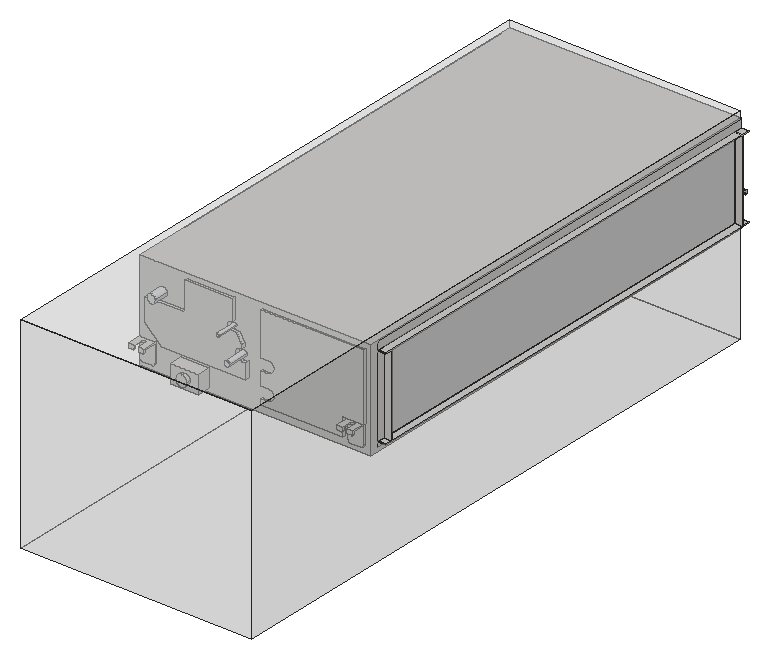
Revit family "outputfile", category 機械設備, Revit 2024
Family settings
  丸型コネクタ寸法 = 半径を使用
  パーツ タイプ = 標準
  OmniClass 番号 = 23.75.10.24.21.27.27
  OmniClass タイトル = Split System Air Conditioning Units
  作業面ベース = いいえ
  常に垂直 = はい
  ロード時にボイドで切り取り = いいえ
  注釈の向きを維持 = いいえ
  共有 = いいえ
  部屋計算ポイント = はい
Parameters (values of type "FXMQ140PAV4")
  Description = ""
  製造元 = "Daikin"
  書き出し IFC クラス(タイプ) = "IfcUnitaryEquipmentType"
  定義済み IFC タイプ(タイプ) = "AIRCONDITIONINGUNIT"
  Cost = 0
  モデル = "FXMQ140PAV4"
  Type Comments = ""
  Keynote = ""
  Type Image = (empty or 0)
  Assembly Code = ""
  r_Liquid Pipe Size = Liquid Pipe Size / 2  # 4.75 mm
  r_Gas Pipe Size = Gas Pipe Size / 2  # 7.95 mm
  r_Drain Pipe Size = Drain Pipe Size / 2  # 12.5 mm
  lw_power = 396.0 mm  # constant formula
  lh_SA = 165.0 mm  # constant formula
  lw_SA = if(Depth = 550.0 mm, 210.0 mm, if(Depth = 700.0 mm, 285.0 mm, if(Depth = 1000.0 mm, 435.0 mm, 635.0 mm)))  # 635.0 mm
  lw_RA = if(Depth = 550.0 mm, 288.0 mm, if(Depth = 700.0 mm, 363.0 mm, if(Depth = 1000.0 mm, 513.0 mm, 713.0 mm)))  # 713.0 mm
  lh_power = 60.0 mm + [h***]  # 60.0 mm
  lh_mountinghole1 = lh_mountinghole + [h***]  # 80.0 mm
  lh_RA = 150.0 mm  # constant formula
  ld_power = Depth / 2  # 700.0 mm
  Voltage_comment_60Hz = "220"
  Voltage_comment_50Hz = "220-240"
  Voltage_60Hz = 220 V
  Voltage_50Hz = 220 V
  URL = ""
  Supply Air Direction [instance] = yes
  Sound Power Level_H speed (dB) = 64
  Phase_60Hz = 1
  Phase_50Hz = 1
  Minimum External Static Pressure = 50.00 Pa
  Minimum Circuit Amps_60Hz = 3.4 A
  Minimum Circuit Amps_50Hz = 3.4 A
  Maximum Fuse Amps_60Hz = 16.0 A
  Maximum Fuse Amps_50Hz = 16.0 A
  Maximum External Static Pressure = 140.00 Pa
  Material_Casing = DAIKIN_GalvanizedSteel_Casing_indoorunit
  lw_mountinghole = 631.0 mm  # constant formula
  lh_gaspipe = 144.0 mm + [h***]  # 144.0 mm
  lh_mountinghole = 80.0 mm  # constant formula
  lh_liquidpipe = 212.0 mm + [h***]  # 212.0 mm
  lh_drainpipe = 232.0 mm + [h***]  # 232.0 mm
  lh_antena = Height - lh_mountinghole + 1.0 mm  # 221.0 mm
  ld_drainpipe = Depth / 2 + 54.0 mm  # 754.0 mm
  ld_liquidpipe = 765.0 mm
  ld_gaspipe = 765.0 mm
  ld_mountinghole = Depth + 38.0 mm  # 1438.0 mm
  h*** = 0.0 mm  # constant formula
  lw_liquidpipe = 290.0 mm  # constant formula
  lw_gaspipe = 318.0 mm  # constant formula
  lw_drainpipe = 80.0 mm  # constant formula
  Width = 700.0 mm
  Version = "ver.1.0"
  Unit Type = "Middle-High Static Pressure Duct Type"
  Unit Mass Weight = 46.00 kg
  Unit Designation [instance] = ""
  Uniclass2015Version = "Products v1.30"
  Uniclass2015Title = "Variable refrigerant flow units"
  Uniclass2015Code = "Pr_70_65_03_94"
  Total Heating Capacity [instance] = 0.000 kW
  Total Cooling Capacity [instance] = 0.000 kW
  Sound Pressure Level_M speed (dBA) = 0
  Sound Pressure Level_L speed (dBA) = 43
  Sound Pressure Level_H speed (dBA) = 46
  Series = "VRV Fan Coil Unit"
  Sensible Cooling Capacity [instance] = 0.000 kW
  SA Duct Size Width = if(Depth = 550.0 mm, 310.0 mm, if(Depth = 700.0 mm, 460.0 mm, if(Depth = 1000.0 mm, 760.0 mm, 1160.0 mm)))  # 1160.0 mm
  SA Duct Size Height = 215.0 mm
  Refrigerant Type = "R410A"
  RA Duct Size Width = if(Depth = 550.0 mm, 475.0 mm, if(Depth = 700.0 mm, 625.0 mm, if(Depth = 1000.0 mm, 925.0 mm, 1325.0 mm)))  # 1325.0 mm
  RA Duct Size Height = 247.0 mm
  Power Input (Heating) = 0.449 kW
  Power Input (Cooling) = 0.461 kW
  Option Accessory 3 [instance] = ""
  Option Accessory 2 [instance] = ""
  Option Accessory 1 [instance] = ""
  Nominal Heating Capacity = 18.000 kW
  Nominal Cooling Capacity = 16.000 kW
  Minimum Airflow = 1920.00 m³/h
  Median Airflow = 2340.00 m³/h
  Maximum Airflow = 2760.00 m³/h
  Load Classification = HVAC
  Liquid Pipe Size = 9.5 mm
  Link_Nested Family [instance] = ""
  IfcVersion = "0"
  IfcExportType = "AIRCONDITIONINGUNIT"
  IfcExportAs = "IfcUnitaryEquipmentType"
  Height = 300.0 mm
  Heating Entering Wet Bulb Temperature [instance] = 0.00 °C
  Heating Entering Dry Bulb Temperature [instance] = 0.00 °C
  Heating Ambient Wet Bulb Temperature [instance] = 0.00 °C
  Heating Ambient Dry Bulb Temperature [instance] = 0.00 °C
  Heat Exchanger Type = "Cross Fin Coil"
  Gas Pipe Size = 15.9 mm
  Frequency_60Hz = 60 Hz
  Frequency_50Hz = 50 Hz
  Fan Type = "Sirocco Fan"
  Fan Drive = "Direct Drive"
  FCU Tag No. [instance] = ""
  Drain Pipe Size = 25.0 mm
  Design Supply Airflow [instance] = 0.00 m³/h
  Design Return Airflow [instance] = 0.00 m³/h
  Design External Static Pressure [instance] = 0.00 Pa
  Depth = 1400.0 mm
  既定の高さ = 0.0 mm
  Cooling Entering Wet Bulb Temperature [instance] = 0.00 °C
  Cooling Entering Dry Bulb Temperature [instance] = 0.00 °C
  Cooling Ambient Wet Bulb Temperature [instance] = 0.00 °C
  Cooling Ambient Dry Bulb Temperature [instance] = 0.00 °C
  Clearance visibility [instance] = yes
  Clearance Top = 20.0 mm
  Clearance Right = 0.0 mm
  Clearance Rear = 0.0 mm
  Clearance Left = 0.0 mm
  Clearance Front = 450.0 mm
  Clearance Bottom = 300.0 mm
Reference planes
  plane 1 "Center (Front/Back)": y = 0
  plane 2 "h": z = 0
  plane 3 "Center (Left/Right)": x = 0
  plane 4 "Back": y = 700
  plane 5 "Front": y = -700
  plane 6 "Left": x = -350
  plane 7 "Reight": x = 350
  plane 8 "Top": z = 0
  plane 9 "Bottom": z = -300
  plane 10: y = -215
  plane 11: y = 700
  plane 12: y = -1150
  plane 13: x = -350
  plane 14: x = 350
  plane 15: z = 20
  plane 16: z = -600
  plane 17: x = -350
  plane 18: z = -135
  plane 19: x = -349
  plane 20: x = 349
  plane 21: y = 65
  plane 22: y = 13
  plane 23: z = -150
  plane 24: y = -710.8
  plane 25: z = -14
  plane 26: z = -219
  plane 27: x = -324
  plane 28: x = -60
  plane 29: x = -20
  plane 30: z = -156
  plane 31: x = -32
  plane 32: z = -88
  plane 33: x = 23
  plane 34: x = 335
  plane 35: z = -15.8
  plane 36: z = -274.8
  plane 37: z = -219.8
  plane 38: x = 271
  plane 39: x = -223.3
  plane 40: x = -138.3
  plane 41: z = -232.7
  plane 42: z = -288.5
  plane 43: y = -741
  plane 44: x = -181
  plane 45: z = -260
  plane 46: y = -751
  plane 47: z = -163.8
  plane 48: z = -239.8
  plane 49: x = 46
  plane 50: z = -88
  plane 51: x = -60
  plane 52: y = -765
  plane 53: z = -156
  plane 54: x = -32
  plane 55: y = -754
  plane 56: z = -68
  plane 57: x = -270
  plane 58: x = -270
  plane 59: x = -60
  plane 60: x = -32
  plane 61: x = 46
  plane 62: x = -323
  plane 63: x = 308
  plane 64: y = -719
  plane 65: y = 719
  plane 66: z = -220
  plane 67: y = -706
  plane 68: x = -204
  plane 69: z = -100.2
  plane 70: x = -374
  plane 71: x = 374
Forms (mm)
  Extrusion 1, solid, material "DAIKIN_GalvanizedSteel_Casing_indoorunit" <- "Material_Casing"
    sketch origin (0, 0, 0) x (1, 0, 0) y (0, 1, 0)
      loop
        line (-349, 700) -> (-349, -700) -> (349, -700) -> (349, 700) -> (-349, 700)
    from -300 to 0
  Extrusion 2, solid, material "DAIKIN_GalvanizedSteel_Casing_indoorunit" <- "Material_Casing"
    sketch origin (0, 0, 0) x (1, 0, 0) y (0, 0, 1)
      loop
        line (-324, -100.2) -> (-324, -168) -> (-273, -219) -> (-20, -219) -> (-20, -173.5) -> (-32, -173.5)
        arc (-32, -173.5) -> (-49.5, -156) -> (-32, -138.5) r 17.5
        line (-32, -138.5) -> (-32, -127.5) -> (-47, -101) -> (-60, -101)
        arc (-60, -101) -> (-73, -88) -> (-60, -75) r 13
        line (-60, -75) -> (-60, -14) -> (-204, -14) -> (-204, -100.2) -> (-324, -100.2)
    from 700 to 710.8
  Extrusion 3, solid, material "DAIKIN_GalvanizedSteel_Casing_indoorunit" <- "Material_Casing"
    sketch origin (0, 0, 0) x (1, 0, 0) y (0, 0, 1)
      loop
        line (23, -274.8) -> (271, -274.8) -> (271, -219.8) -> (335, -219.8) -> (335, -15.8) -> (23, -15.8) -> (23, -146.3) -> (46, -146.3)
        arc (46, -146.3) -> (63.5, -163.8) -> (46, -181.3) r 17.5
        line (46, -181.3) -> (23, -181.3) -> (23, -222.3) -> (46, -222.3)
        arc (46, -222.3) -> (63.5, -239.8) -> (46, -257.3) r 17.5
        line (46, -257.3) -> (23, -257.3) -> (23, -274.8)
    from 700 to 706
  Extrusion 4, solid, material "DAIKIN_GalvanizedSteel_Casing_indoorunit" <- "Material_Casing"
    sketch origin (0, 0, 0) x (1, 0, 0) y (0, 0, 1)
      loop
        line (-223.3, -232.7) -> (-223.3, -288.5) -> (-138.3, -288.5) -> (-138.3, -232.7) -> (-223.3, -232.7)
    from 700 to 741
  Extrusion 5, solid, material "DAIKIN_GalvanizedSteel_Casing_indoorunit" <- "Material_Casing"
    sketch origin (0, 0, 0) x (1, 0, 0) y (0, 0, 1)
      loop
        circle (-181, -260) r 16.5
    from 741 to 751
  Extrusion 6, solid
    sketch origin (0, 0, 0) x (1, 0, 0) y (0, 0, 1)
      loop
        circle (-60, -88) r 4.75
    from 700 to 765
  Extrusion 7, solid
    sketch origin (0, 0, 0) x (1, 0, 0) y (0, 0, 1)
      loop
        circle (-32, -156) r 7.95
    from 700 to 765
  Extrusion 8, solid
    sketch origin (0, 0, 0) x (1, 0, 0) y (0, 0, 1)
      loop
        circle (-270, -68) r 12.5
    from 710.8 to 754
Dimensions and locks
  "Height": plane 8 "Top" to plane 9 "Bottom"
  equal spacing: plane 4 "Back", plane 1 "Center (Front/Back)", plane 5 "Front"
  "Depth": plane 4 "Back" to plane 5 "Front"
  equal spacing: plane 6 "Left", plane 3 "Center (Left/Right)", plane 7 "Reight"
  "Width": plane 6 "Left" to plane 7 "Reight"
  "Clearance Left": plane 13 to plane 6 "Left"
  "Clearance Right": plane 7 "Reight" to plane 14
  "Clearance Rear": plane 11 to plane 4 "Back"
  "Clearance Front": plane 5 "Front" to plane 12
  "Clearance Top": plane 15 to plane 8 "Top"
  "Clearance Bottom": plane 9 "Bottom" to plane 16
  "lh_SA": plane 18 to plane 9 "Bottom"
  locked: plane 17 to plane 19 at 1
  locked: plane 20 to plane 14 at 1
  "lw_SA": plane 11 to plane 21
  "lw_RA": plane 22 to plane 5 "Front"
  "lh_RA": plane 23 to plane 9 "Bottom"
  locked: plane 5 "Front" to plane 24 at 10.8
  plane 29 to plane 28 to plane 27 to plane 6 "Left" = 40.0 mm, 264.0 mm, 26.0 mm
  locked: plane 31 to plane 6 "Left" at 318
  plane 34 to plane 33 to plane 6 "Left" = 312.0 mm locked, 373.0 mm locked
  locked: plane 34 to plane 38 at 64
  locked: plane 37 to plane 36 at 55
  plane 40 to plane 39 to plane 6 "Left" = 85.0 mm locked, 126.7 mm locked
  locked: plane 5 "Front" to plane 43 at 41
  locked: plane 44 to plane 6 "Left" at 169
  locked: plane 43 to plane 46 at 10
  plane 47 to plane 48 to plane 36 = 76.0 mm locked, 35.0 mm locked
  locked: plane 49 to plane 33 at 23
  "lw_liquidpipe": plane 51 to plane 6 "Left"
  "lh_liquidpipe": plane 50 to plane 9 "Bottom"
  "lh_gaspipe": plane 53 to plane 9 "Bottom"
  "lw_gaspipe": plane 54 to plane 6 "Left"
  "ld_gaspipe": plane 52 to plane 1 "Center (Front/Back)"
  "ld_drainpipe": plane 55 to plane 1 "Center (Front/Back)"
  "lh_drainpipe": plane 56 to plane 9 "Bottom"
  "lw_drainpipe": plane 57 to plane 6 "Left"
  "lw_drainpipe": plane 6 "Left" to plane 58
  "lw_liquidpipe": plane 6 "Left" to plane 59
  "lw_gaspipe": plane 6 "Left" to plane 60
  "lw_power": plane 6 "Left" to plane 61
  plane 17 to plane 62 = 27.0 mm
  "lw_mountinghole": plane 62 to plane 63
  equal spacing: plane 64, plane 1 "Center (Front/Back)", plane 65
  "ld_mountinghole": plane 65 to plane 64
  "lh_mountinghole": plane 66 to plane 9 "Bottom"
  plane 8 "Top" to plane 41 to plane 42 = 232.7 mm locked, 55.8 mm locked
  locked: plane 8 "Top" to plane 45 at 260
  plane 8 "Top" to plane 25 to plane 26 = 14.0 mm locked, 205.0 mm locked
  plane 8 "Top" to plane 32 to plane 30 = 88.0 mm locked, 68.0 mm locked
  plane 8 "Top" to plane 35 to plane 36 = 15.8 mm locked, 259.0 mm locked
  locked: plane 5 "Front" to plane 67 at 6
  locked: plane 25 to plane 69 at 86.2
  locked: plane 27 to plane 68 at 120
  locked: plane 70 to plane 6 "Left" at 24
  locked: plane 14 to plane 71 at 24
  "r_Liquid Pipe Size": radius of Extrusion 6 sketch curve
  "r_Gas Pipe Size": radius of Extrusion 7 sketch curve
  "r_Drain Pipe Size": radius of Extrusion 8 sketch curve
  aligned and locked: level to plane 2 "h"
  aligned and locked: plane 8 "Top" to Extrusion 1
  aligned and locked: Extrusion 1 to plane 9 "Bottom"
  aligned and locked: nested 5 to plane 12
  aligned and locked: plane 13 to nested 5
  aligned and locked: plane 14 to nested 5
  aligned and locked: nested 5 to plane 13
  aligned and locked: plane 11 to nested 5
  aligned and locked: plane 15 to nested 5
  aligned and locked: plane 16 to nested 5
  aligned and locked: plane 5 "Front" to Extrusion 1 sketch curve
  aligned and locked: Extrusion 1 to plane 19
  aligned and locked: plane 20 to Extrusion 1
  aligned and locked: nested 7 to plane 19
  aligned and locked: nested 7 to plane 21
  aligned and locked: plane 18 to nested 7
  aligned and locked: plane 20 to nested 8
  aligned and locked: plane 22 to nested 8
  aligned and locked: plane 23 to nested 8
  aligned and locked: Extrusion 2 to plane 24
  aligned and locked: plane 5 "Front" to Extrusion 2
  aligned and locked: plane 36 to Extrusion 3 sketch curve
  aligned and locked: plane 38 to Extrusion 3 sketch curve
  aligned and locked: plane 37 to Extrusion 3 sketch curve
  aligned and locked: Extrusion 3 sketch curve to plane 34
  aligned and locked: Extrusion 3 sketch curve to plane 35
  aligned and locked: Extrusion 3 sketch curve to plane 33
  aligned and locked: plane 5 "Front" to Extrusion 3
  aligned and locked: Extrusion 4 sketch curve to plane 41
  aligned and locked: Extrusion 4 sketch curve to plane 39
  aligned and locked: plane 42 to Extrusion 4 sketch curve
  aligned and locked: plane 40 to Extrusion 4 sketch curve
  aligned and locked: Extrusion 4 to plane 43
  aligned and locked: plane 5 "Front" to Extrusion 4
  aligned and locked: Extrusion 5 sketch curve to plane 44
  aligned and locked: plane 45 to Extrusion 5 sketch curve
  aligned and locked: Extrusion 5 to plane 46
  aligned and locked: plane 43 to Extrusion 5
  aligned and locked: Extrusion 6 sketch curve to plane 51
  aligned and locked: plane 50 to Extrusion 6 sketch curve
  aligned and locked: Extrusion 6 to plane 52
  aligned and locked: plane 5 "Front" to Extrusion 6
  aligned and locked: Extrusion 7 sketch curve to plane 54
  aligned and locked: plane 53 to Extrusion 7 sketch curve
  aligned and locked: Extrusion 7 to Extrusion 6
  aligned and locked: plane 5 "Front" to Extrusion 7
  aligned and locked: Extrusion 8 sketch curve to plane 57
  aligned and locked: plane 56 to Extrusion 8 sketch curve
  aligned and locked: Extrusion 8 to plane 55
  aligned and locked: plane 24 to Extrusion 8
  aligned and locked: nested 3 to plane 55
  aligned and locked: nested 3 to plane 58
  aligned and locked: nested 2 to plane 59
  aligned and locked: nested 2 to plane 52
  aligned and locked: nested 1 to plane 60
  aligned and locked: Extrusion 7 to plane 52
  aligned and locked: nested 1 to plane 52
  aligned and locked: nested 6 to plane 5 "Front"
  aligned and locked: nested 6 to plane 61
  aligned and locked: plane 62 to nested 10
  aligned and locked: nested 10 to plane 5 "Front"
  aligned and locked: plane 63 to nested 9
  aligned and locked: nested 9 to plane 5 "Front"
  aligned and locked: nested 11 to plane 62
  aligned and locked: plane 4 "Back" to nested 11
  aligned and locked: nested 12 to plane 63
  aligned and locked: plane 4 "Back" to nested 12
  aligned and locked: plane 66 to nested 10
  aligned and locked: plane 66 to nested 11
  aligned and locked: plane 66 to nested 9
  aligned and locked: plane 66 to nested 12
  aligned and locked: plane 62 to nested 14
  aligned and locked: nested 14 to plane 65
  aligned and locked: plane 63 to nested 13
  aligned and locked: nested 13 to plane 65
  aligned and locked: plane 63 to nested 16
  aligned and locked: plane 64 to nested 16
  aligned and locked: plane 64 to nested 15
  aligned and locked: plane 62 to nested 15
  aligned and locked: Extrusion 3 to plane 67
  aligned and locked: Extrusion 2 sketch curve to plane 68
  aligned and locked: plane 69 to Extrusion 2 sketch curve
  aligned and locked: nested 17 to plane 21
  aligned and locked: nested 17 to plane 70
  aligned and locked: plane 18 to nested 17
  aligned and locked: plane 22 to nested 18
  aligned and locked: plane 71 to nested 18
  aligned and locked: nested 18 to plane 23
  aligned and locked: nested 4 to plane 3 "Center (Left/Right)"
  aligned and locked: plane 1 "Center (Front/Back)" to nested 4
  aligned and locked: level to plane 8 "Top"
Automatic sketch dimensions
  plane 6 "Left" to Extrusion 1 sketch curve = 1.0 mm
  Extrusion 1 sketch curve to plane 7 "Reight" = 1.0 mm
  Extrusion 1 sketch curve to plane 4 "Back" = 0.0 mm
  Extrusion 3 sketch curve to plane 33 = 0.0 mm  (x2)
  Extrusion 3 sketch curve to plane 47 = 0.0 mm
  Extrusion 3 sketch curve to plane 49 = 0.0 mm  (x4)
----
Task statement - When the line with "aligned and locked: plane 53" is reached in the data above, start copying there, and copy each line exactly until the line with "aligned and locked: plane 24 to Extrusion 8" has been copied; copy nothing else.

Worked solution -
  aligned and locked: plane 53 to Extrusion 7 sketch curve
  aligned and locked: Extrusion 7 to Extrusion 6
  aligned and locked: plane 5 "Front" to Extrusion 7
  aligned and locked: Extrusion 8 sketch curve to plane 57
  aligned and locked: plane 56 to Extrusion 8 sketch curve
  aligned and locked: Extrusion 8 to plane 55
  aligned and locked: plane 24 to Extrusion 8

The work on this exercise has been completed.